5. During the filming of Temple Of Doom, the crew played a practical joke on Ford that is the stuff of movie legend: As he was chained to a large stone, Barbra Streisand appeared in a leather dominatrix outfit and whipped him repeatedly, saying "That's for Hanover Street, the worst movie I ever saw." Carrie Fisher then stepped in to protect him.

6. Indy's costume, style and accessories have several influences: George Lucas (the flight jacket), Humphrey Bogart in The Treasure of Sierra Madre (the fedora), Zorro (the whip) and Charlton Heston in Secret of the Incas (the costume and overall look). Of course his creators couldn't help but poke fun at his style: "What are you supposed to be, a lion tamer?" Willie (Kate Capshaw) asks him in Temple Of Doom.

7. The vest Indiana wears as he and Willie flit about the palace in
Temple Of Doom was originally designed for Han Solo in Star Wars.

8. How important is the fedora to the legend of Indiana Jones? During the filming of The Last Crusade, rumors circulated that Ford stapled it to his head to keep it from falling off. That's not true, but to make the hat appear battered and worn, Ford and his costume designer would grab, twist and sit on it before takes.

9. Ford's hat wasn't the only thing bruised and battered: The actor sustained all kinds of injuries while shooting the first three films, including bruised ribs and torn knee ligaments (Raiders), and a serious hernia (Temple of Doom).

10. As revealed in Raiders of the Lost Ark, Indy studied under the tutelage of Abner Ravenwood (Marion's father) at the University of Chicago. Some fellow alum of U of C are such notable (real) folks as Kurt Vonnegut, Mike Nichols, Ed Asner, Roger Ebert and Barack Obama.

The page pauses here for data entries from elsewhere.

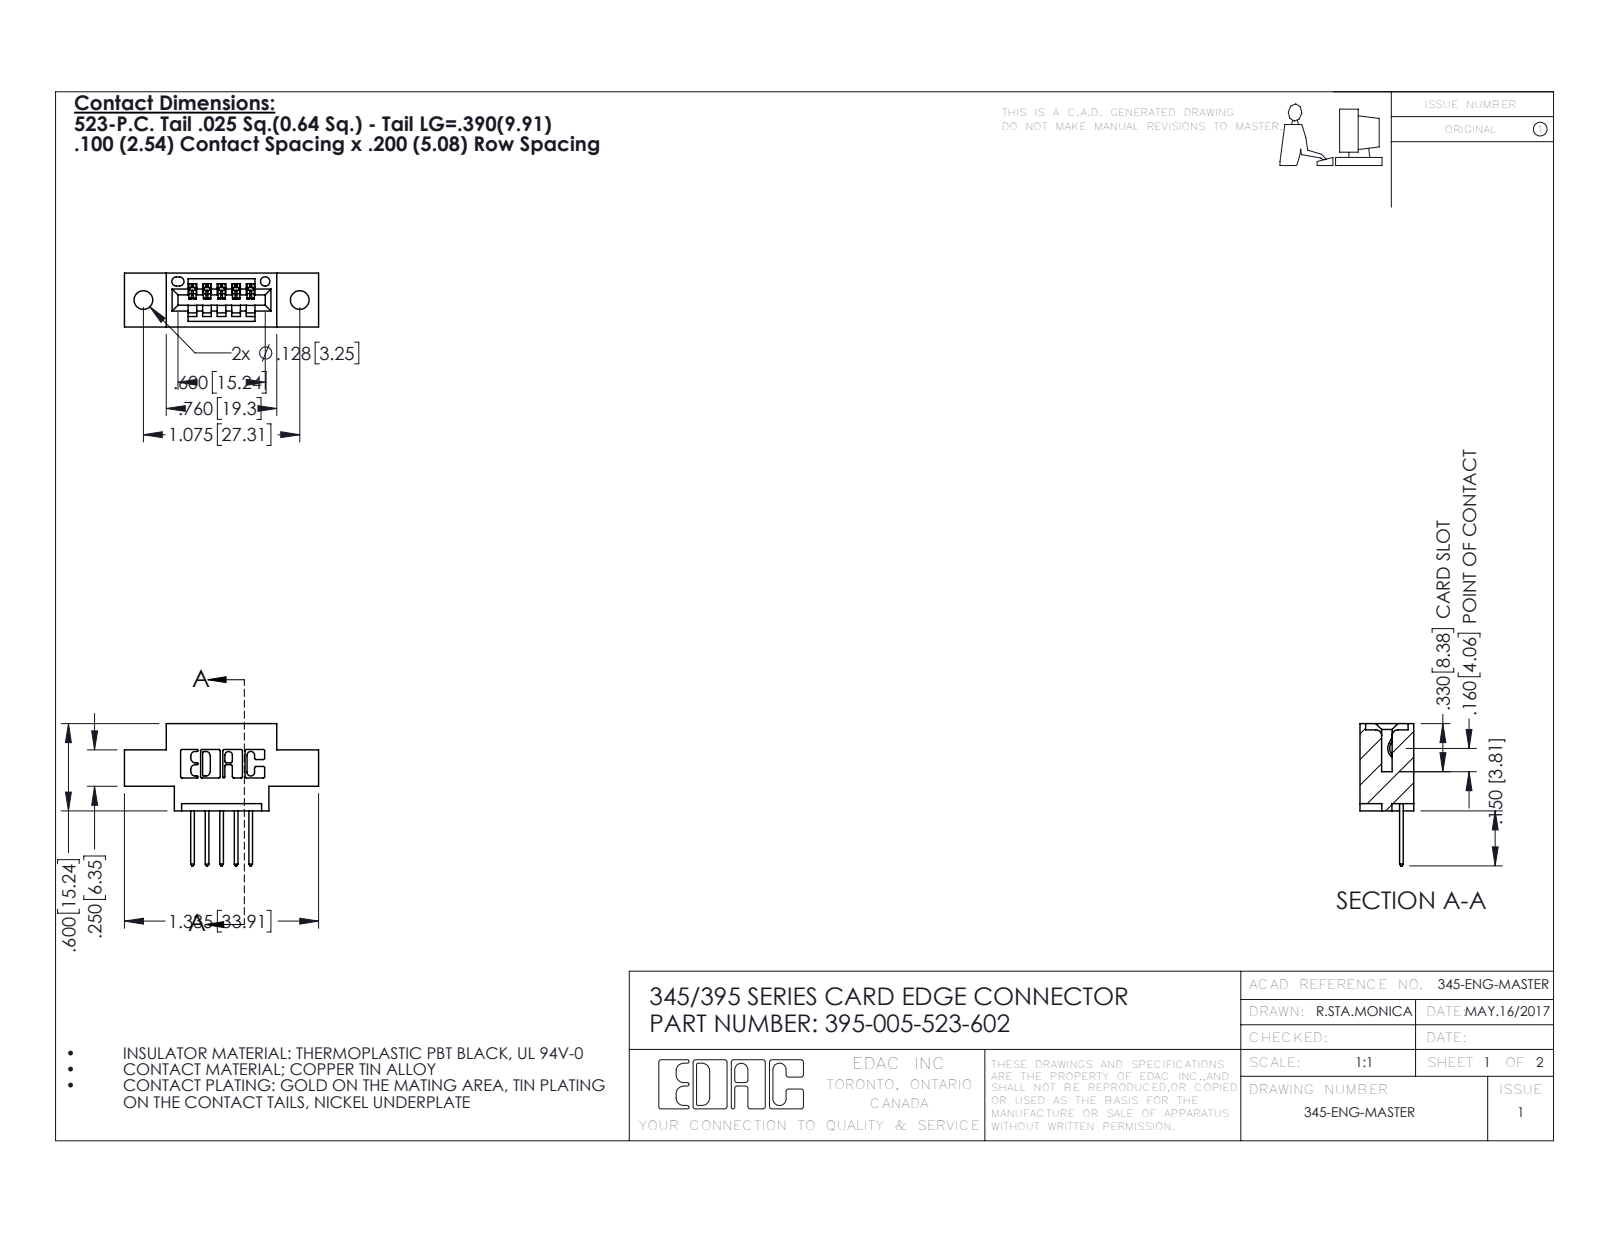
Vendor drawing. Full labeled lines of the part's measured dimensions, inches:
Part name (STEP PRODUCT): 395-005-523-602; 345-292-001_345-293-123; 345 Part_0.170 Offset - 0.128 Dia
STEP written by: SolidWorks 2016 (CONFIG_CONTROL_DESIGN)
Units: inches
Bodies: 6 solids, 420 faces (284 planar, 136 cylindrical, 0 other)
Overall size (bounding box): 1.335 × 0.977 × 0.37
Volume: 0.169 in³ · Surface area: 4.701 in²
Round holes (diameter × count): ⌀0.128 ×2, ⌀0.064 ×1
Partial cylindrical surfaces — rounded edges, fillets, slot ends (radius × count): R0.01 ×22, R0.006 ×10, R0.01 ×10, R0.007 ×6, R0.031 ×6, R0.026 ×3, R0.031 ×2, R0.04 ×2
Main face-to-face distances: 0.37, 0.2, 0.298, 0.072, 0.1, 0.025, 0.25, 0.098, 0.272, 0.06
Hole centre spacings: 0.27, 0.847, 1.075
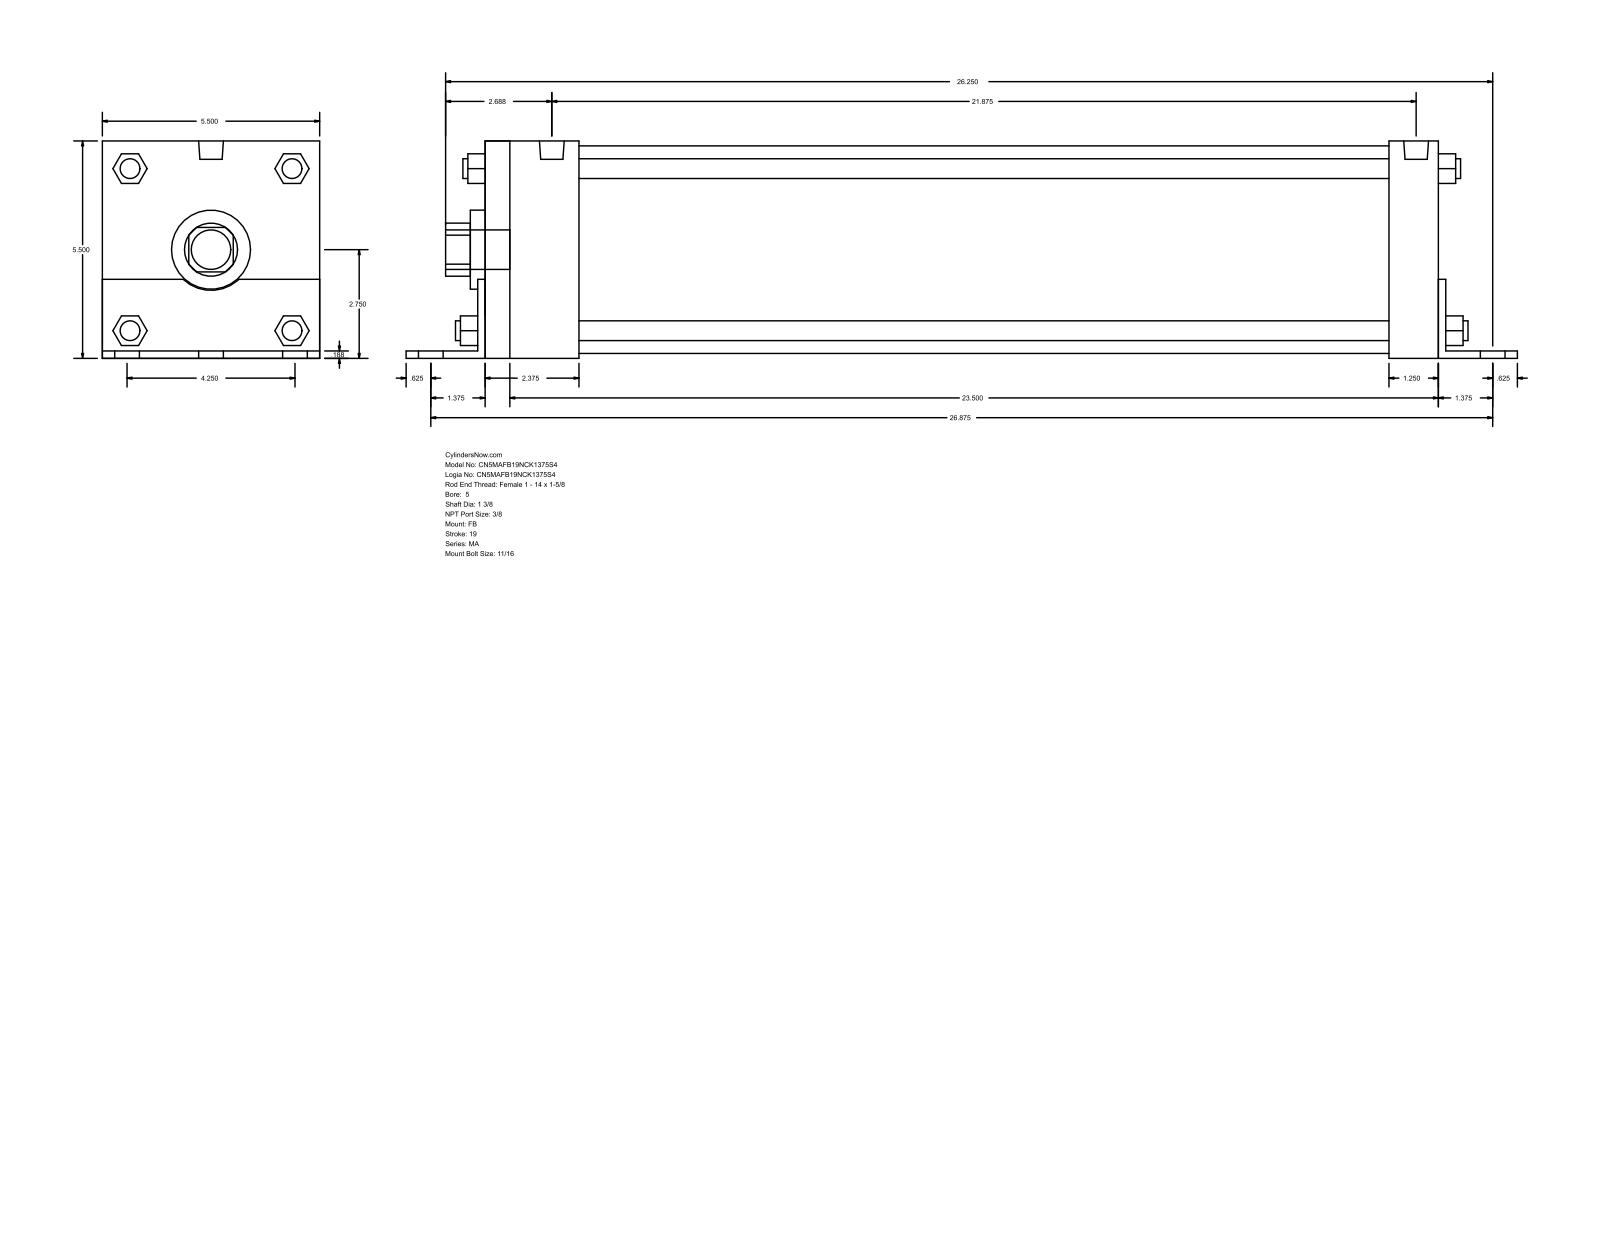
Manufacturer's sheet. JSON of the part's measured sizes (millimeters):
{"part_name": "MA_FB__0500_1.375", "step_written_by": "GSSL Pune (CONFIG_CONTROL_DESIGN)", "units": "millimeters", "bodies": {"solids": 0, "faces": 140, "planar": 105, "cylindrical": 35, "other": 0}, "overall_size": [714.38, 139.75, 139.7], "round_holes": [[34.92, 1], [50.8, 1], [133.35, 1]], "round_bosses_or_shafts": [[17.46, 6], [12.7, 4], [11.11, 4], [15.93, 2], [25.4, 1]], "partial_cylinders_radius": [[17.06, 1], [26.16, 1]], "face_to_face_distances": [139.7, 4.76, 139.75, 4.71, 134.99, 612.77, 4.77, 617.54, 617.53, 622.3]}
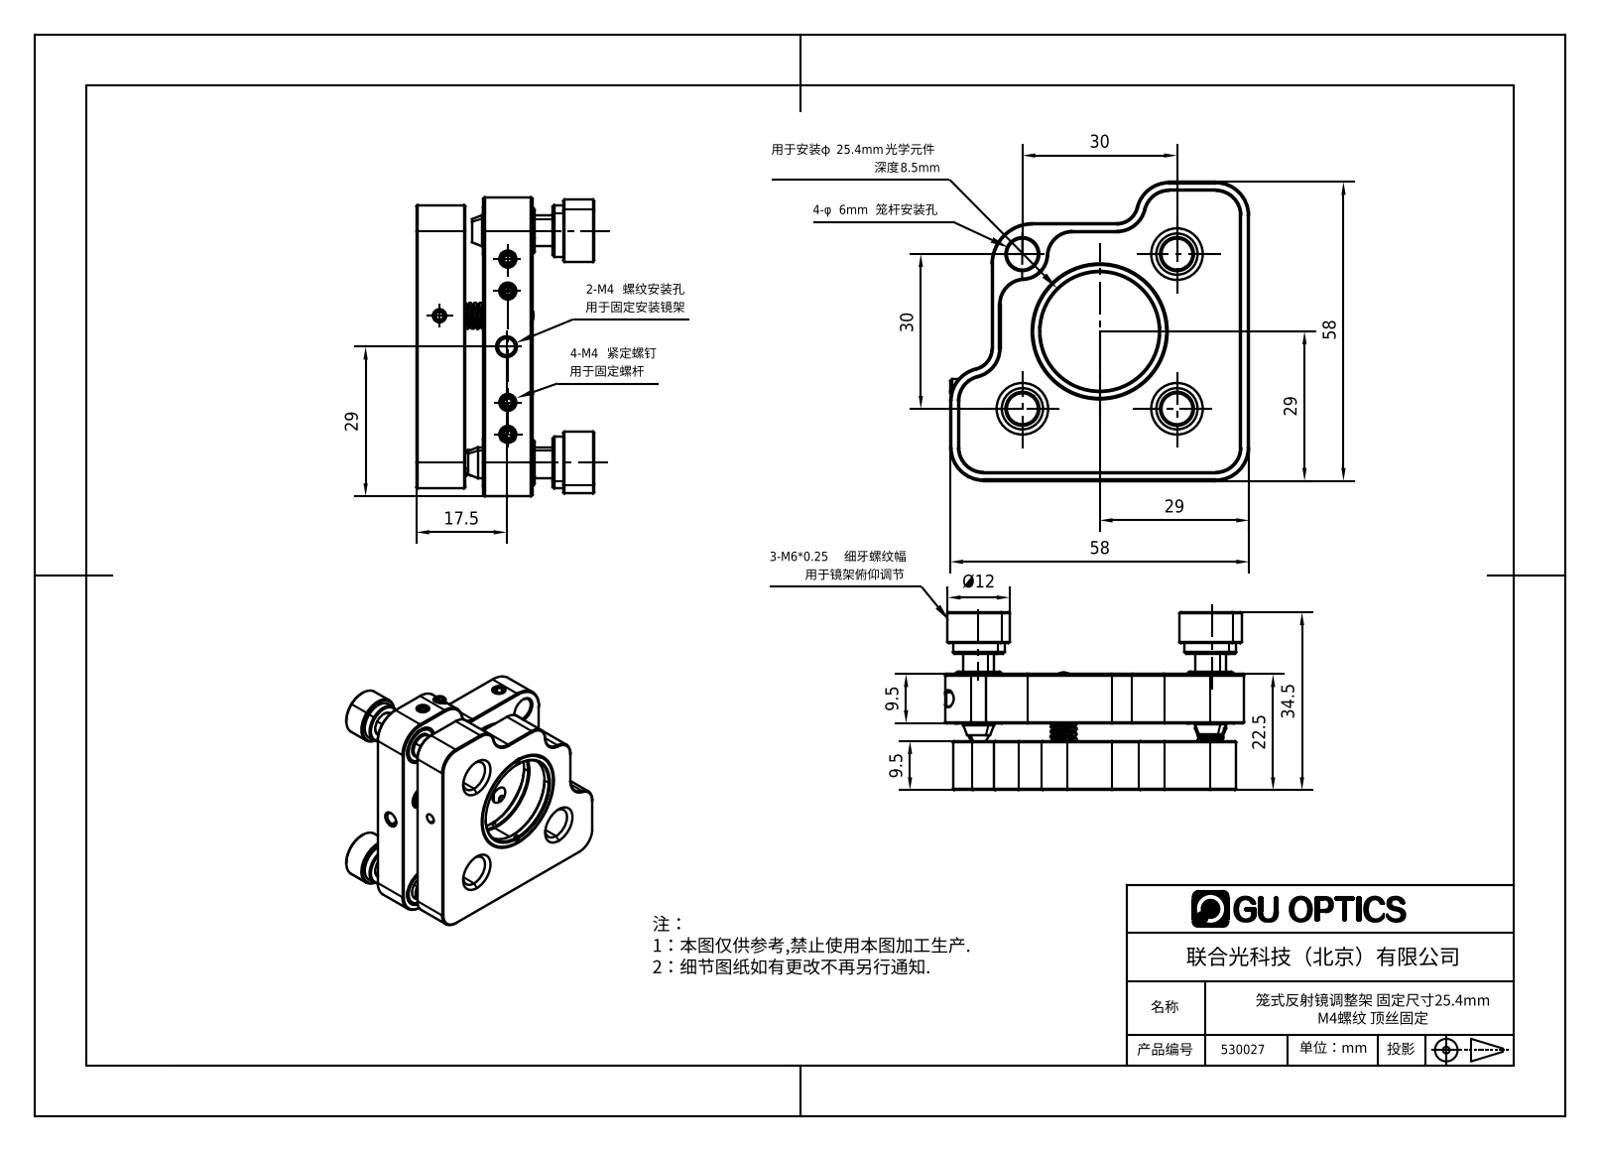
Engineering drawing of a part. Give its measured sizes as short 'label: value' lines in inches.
written by: SolidWorks 2018 (AUTOMOTIVE_DESIGN)
unit: in
bodies: 0 solids, 490 faces (144 planar, 140 cylindrical, 206 other)
size: 2.283 × 2.283 × 1.358
holes: 7× ⌀0.13, 6× ⌀0.236, 3× ⌀0.157, 3× ⌀0.315, 1× ⌀0.098, 1× ⌀0.921, 1× ⌀1.039, 1× ⌀1.299
bosses: 3× ⌀0.472, 3× ⌀0.394, 3× ⌀0.374, 3× ⌀0.339, 3× ⌀0.236, 2× ⌀0.079, 2× ⌀0.059, 1× ⌀0.157
rounds: 8× R0.197, 5× R0.256, 4× R0.04, 2× R0.031, 2× R0.098, 2× R0.157, 2× R0.217, 1× R0.187
face distances: 0.374, 0.512, 0.138, 0.886, 0.059, 0.315, 1.909, 2.224, 1.969, 0.472
hole spacings: 1.506, 0.835, 1.181, 0.418, 1.253, 2.088, 0.244, 0.425
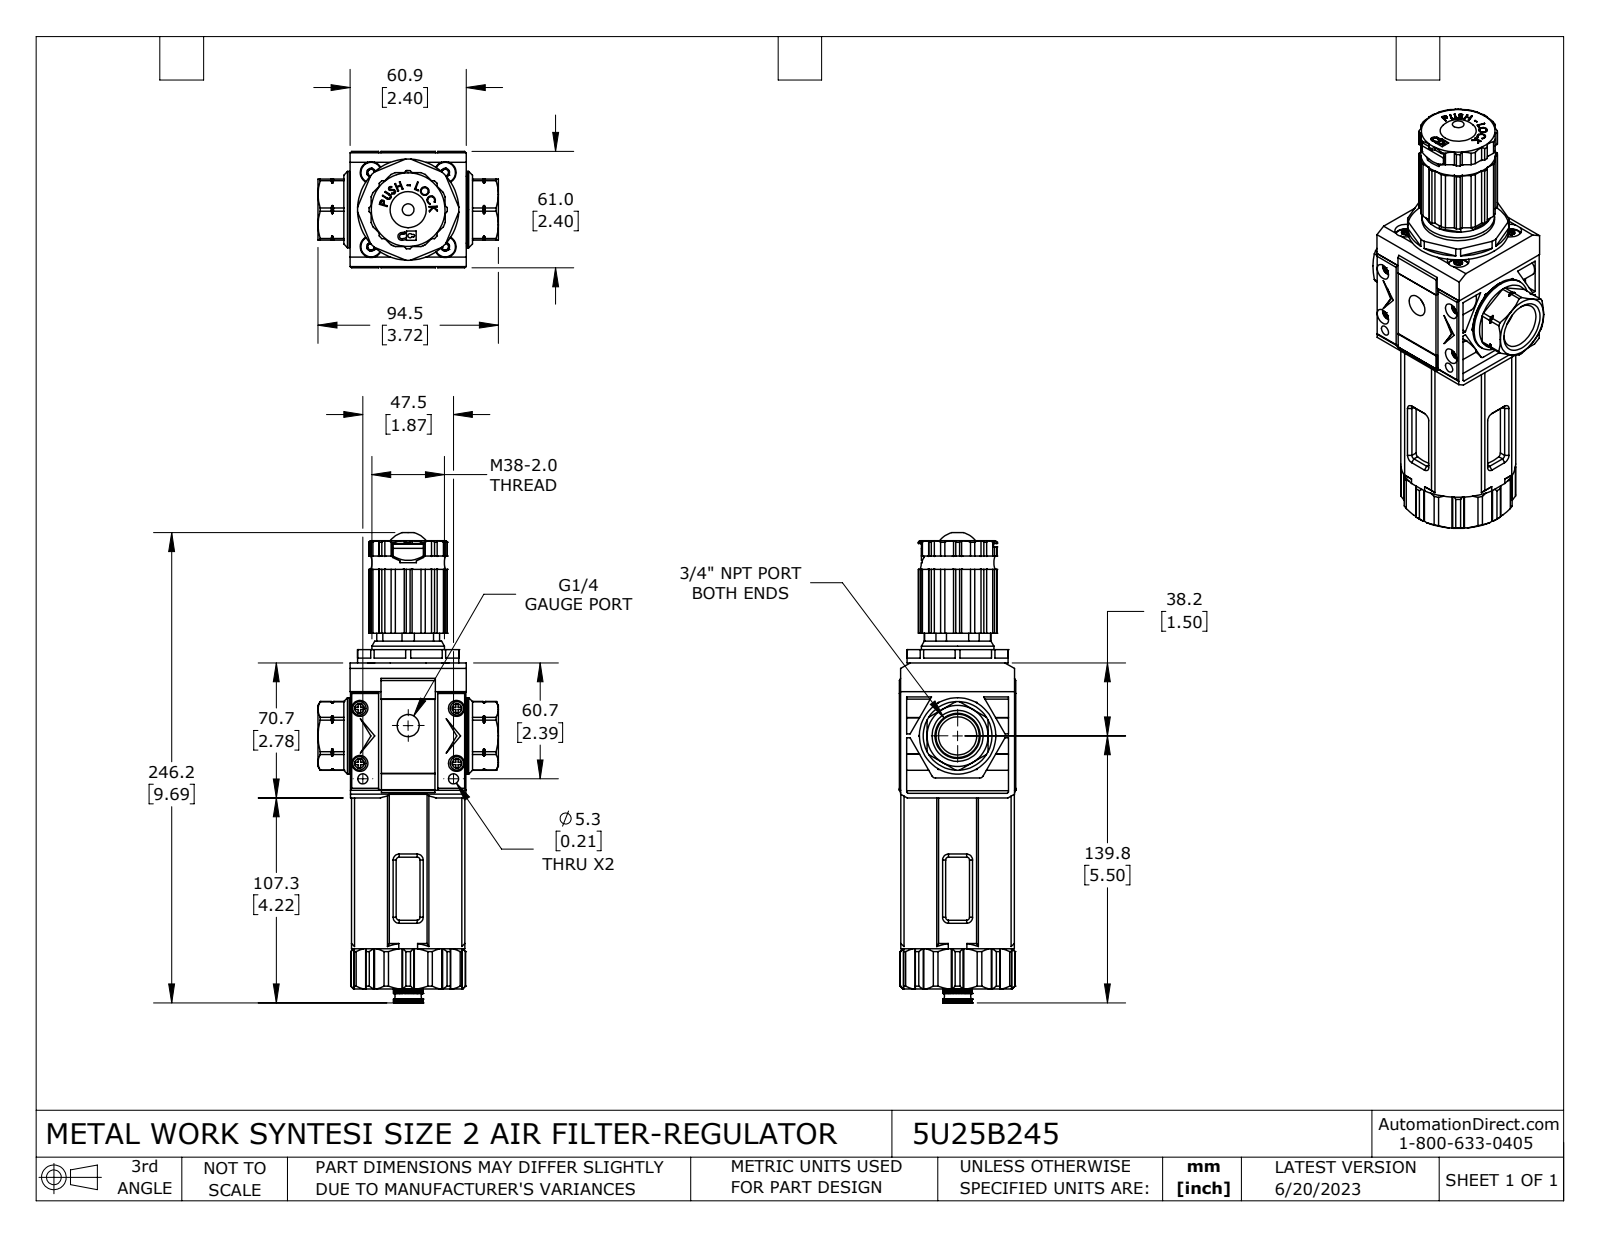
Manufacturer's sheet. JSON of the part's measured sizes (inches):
{"part_name": "5U25B245", "step_written_by": "SolidWorks 2021 (CONFIG_CONTROL_DESIGN)", "units": "inches", "bodies": {"solids": 15, "faces": 2047, "planar": 1264, "cylindrical": 503, "other": 280}, "overall_size": [9.693, 3.72, 2.402], "volume_in3": 29.06, "surface_area_in2": 223.3, "round_holes": [[0.128, 4], [0.165, 4], [0.331, 4], [0.449, 4], [0.209, 2], [0.126, 1], [0.276, 1], [0.343, 1], [0.457, 1], [0.787, 1], [1.25, 1], [1.411, 1]], "round_bosses_or_shafts": [[0.276, 4], [0.189, 4], [0.15, 4], [2.087, 1], [1.575, 1], [1.496, 1], [1.378, 1], [1.248, 1]], "partial_cylinders_radius": [[0.011, 28], [0.02, 16], [0.059, 8], [0.069, 4], [0.191, 4], [0.807, 4], [0.008, 2], [0.079, 2]], "face_to_face_distances": [5.303, 2.39, 3.11, 3.205, 2.098, 1.13, 0.591, 2.193, 1.799, 2.402], "hole_center_spacings": [1.08, 1.528, 0.325, 1.057, 1.134, 1.265, 1.443, 1.454]}

11. It's never clear in the films where Dr. Jones lectures (though it is apparent his female students are jonesin' for an appointment with the good doctor), but according to the videogames he's professor at the fictional New England university Barnett College.

12. A major inspiration for Indiana Jones? Bond, James Bond. Spielberg has said that casting Sean Connery to play Indy's father in The Last Crusade was a nod to the fact that the filmmakers considered 007 the Hollywood patriarch of Indiana Jones (three former Bond villains also appear in the film).

13. Both Connery and Ford went pants-less during the shooting of the entire Zeppelin scene in The Last Crusade, reportedly because it was filmed in a muggy studio and Connery didn't want to sweat too much. Ford, we're assuming, did it in the name of solidarity.

14. Estimated number of kills by Indy in the original trilogy: 45

15. While Indiana Jones action figures never exploded in popularity like their Star Wars counterparts, Indy has still been immortalized in the world of toys: He's available in Lego form, standing at 45 mm tall.

16. Domestic box office grosses: Raiders = $245 million, Temple Of Doom = $180 million, Last Crusade = $197 million, Crystal Skull (as of 10/12/08) = $317.